BusinessDay

CBN raises rate to 16.5%, unveils new naira notes

The Central Bank of Nigeria (CBN) raised the Monetary Policy Rate (MPR), the benchmark interest rate, by 100 basis points on Tuesday to 16.5 percent to fight inflation.

The fourth straight rate hike this year was announced after the two-day meeting of the Monetary Policy Committee (MPC) in Abuja.

Godwin Emefiele, governor of the CBN, said that the members of the MPC unanimously voted for further tightening to rein in inflation, with nine members voting for a 100 basis-point hike while two members voted for 50 basis points.

Nigeria’s headline inflation quickened a new 17-year high of 21.09 percent in October, up from 20.77 percent in the previous month.

“To all central banks, inflation is a very big challenge, the Russia-Ukraine war is still ongoing, the US is still raising rates and financial market conditions globally have tightened,” he said.

On the implication of the decision, analysts said the cost of borrowing will rise further, adding that it will lead to asset repricing, and negative impact on the equities market.

“It will increase the yields on fixed income securities, which may make consumers postpone current consumption for savings/investments, thus reducing inflation rate, all things being equal,” said Ayodele Akinwunmi, relationship manager, corporate banking at FSDH Merchant Bank Limited.

He said it may also help to reduce capital flight from the fixed income securities and encourage foreign portfolio inflows into the country, thus helping exchange rate stability in the foreign exchange market, all things being equal.

However, he said the hike in the MPR will increase the cost of funds for banks and corporates and may also lead to portfolio reallocation to the fixed income securities from the equity market, thus having negative implications on the equity market in the short-term.

Read also: MPC members raise concern over FG’s fiscal deficit

After the meeting, the MPC members unanimously voted to retain other parameters.
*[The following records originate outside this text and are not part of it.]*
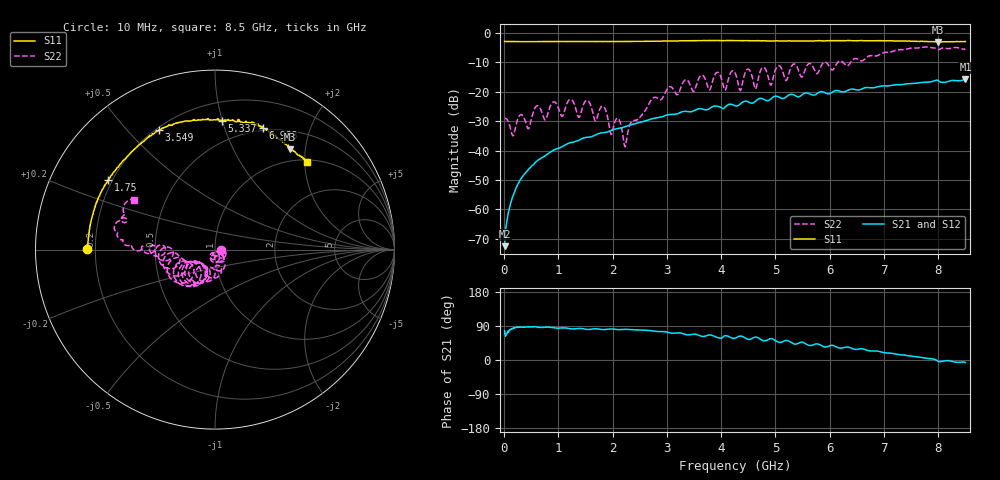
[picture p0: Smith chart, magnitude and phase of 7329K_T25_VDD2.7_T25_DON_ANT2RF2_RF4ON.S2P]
!Agilent Technologies,E5071C,MY46417908,A.11.23
!Date: Mon Aug 31 18:03:19 2020
!Data & Calibration Information:
!Freq	S11:SOLT2(ON)	S21:SOLT2(ON)	S12:SOLT2(ON)	S22:SOLT2(ON)
!PortZ  Port1:50+j0  Port2:50+j0
!Above PortZ is port z conversion or system Z0 setting when saving the data.
!When reading, reference impedance value at option line is always used.
# Hz S dB R 50
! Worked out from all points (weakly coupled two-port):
!   1601 points, 10 MHz to 8.5 GHz, reference 50 ohm
!   highest |S21| = -15.78 dB at 8.5 GHz (marker M1); lowest = -72.5 dB at 10 MHz (marker M2)
!   lowest |S11| = -3.1 dB at 8.001 GHz (marker M3), VSWR 5.60, Z = 39.4 + j85.7 ohm
!   |S11| at or under -10 dB: nowhere
!   |S22| runs from -38.7 to -4.8 dB; largest |S21 - S12| = 0.0018
!   S11 on the Smith chart (normalised r, x): 10 MHz: 0.17, +0.00; 1.75 GHz: 0.18, +0.29; 3.549 GHz: 0.21, +0.61; 5.337 GHz: 0.33, +1.00; 6.988 GHz: 0.47, +1.36; 8.5 GHz: 1.04, +2.05
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1e7  -2.94 179.8  -72.46 77.0  -72.64 74.4  -29.07 -2.1
1.426562e8  -2.98 176.9  -56.67 83.0  -56.64 82.2  -34.28 -10.4
3.602125e8  -3.00 172.5  -48.37 86.5  -48.33 86.7  -28.57 -6.6
1.219825e9  -2.97 156.3  -37.31 82.4  -37.32 82.4  -22.57 -62.7
1.426769e9  -2.97 152.9  -36.01 83.0  -36.01 82.9  -26.48 -62.8
1.75045e9  -2.97 147.0  -34.18 81.5  -34.16 81.5  -26.53 -84.6
1.845962e9  -2.97 145.1  -33.90 80.2  -33.89 80.2  -25.30 -115.1
1.973312e9  -2.96 143.0  -33.19 81.9  -33.19 81.9  -34.50 -107.4
2.105969e9  -2.95 140.3  -32.48 80.1  -32.48 80.1  -29.16 -101.2
2.233319e9  -2.96 137.9  -31.88 80.9  -31.89 80.9  -38.74 -72.6
2.843538e9  -2.84 126.2  -28.81 75.2  -28.81 75.2  -22.42 -63.5
3.549269e9  -2.67 115.2  -26.01 67.4  -26.00 67.4  -17.41 -89.8
4.255e9  -2.66 105.7  -24.77 57.5  -24.77 57.5  -13.59 -143.6
4.631744e9  -2.72 99.6  -23.29 60.5  -23.29 60.3  -19.12 -134.0
4.7644e9  -2.74 97.5  -22.41 51.5  -22.40 51.5  -11.77 -130.1
4.912975e9  -2.78 94.7  -22.51 56.3  -22.52 56.4  -17.79 -138.0
5.337475e9  -2.85 86.8  -21.09 42.5  -21.08 42.5  -10.59 -147.8
5.671769e9  -2.82 81.1  -21.10 38.7  -21.08 38.7  -10.95 -171.4
6.987719e9  -2.75 68.7  -18.03 19.8  -18.05 19.7  -6.78 179.3
7.088538e9  -2.76 66.5  -18.01 18.3  -18.04 18.0  -6.59 176.6
8.001212e9  -3.13 53.3  -16.28 -3.9  -16.31 -3.9  -5.74 161.8
8.5e9  -2.99 43.6  -15.78 -6.5  -15.83 -6.8  -5.53 148.2

The CBN retained the asymmetric corridor of +100/-700 basis points around the MPR, retained the cash reserve ratio at 32.5 per cent, and the liquidity ratio at 30 per cent.

Razia Khan, managing director and chief economist, Africa and Middle East global research at Standard Chartered Bank, said with significant pressures ahead, including tighter global conditions, the risk of slowing global growth, weaker oil prices and pressure on external reserves, FX reforms are more important than ever.

“While the CBN has taken comfort from the October slowing in month/month inflation, we are not sure how much can be read into this – especially given the likelihood of fuel subsidy reforms post-election and ongoing agri-pressure given recent climate-related risks. Lower inflation settings and the restoration of a better-functioning FX market would serve Nigeria well, given these challenges,” she said.

The CBN also announced that new naira notes will be unveiled by President Muhammadu Buhari on Wednesday (today).

Emefiele said the circulation of N500 and N1000 notes will reduce gradually, adding that their availability in large volumes was partly responsible for the inflationary pressures.

“We are no longer waiting for December 15th to unveil the new notes; the president has accepted to unveil the new currency on 23rd of November 2022,” he said.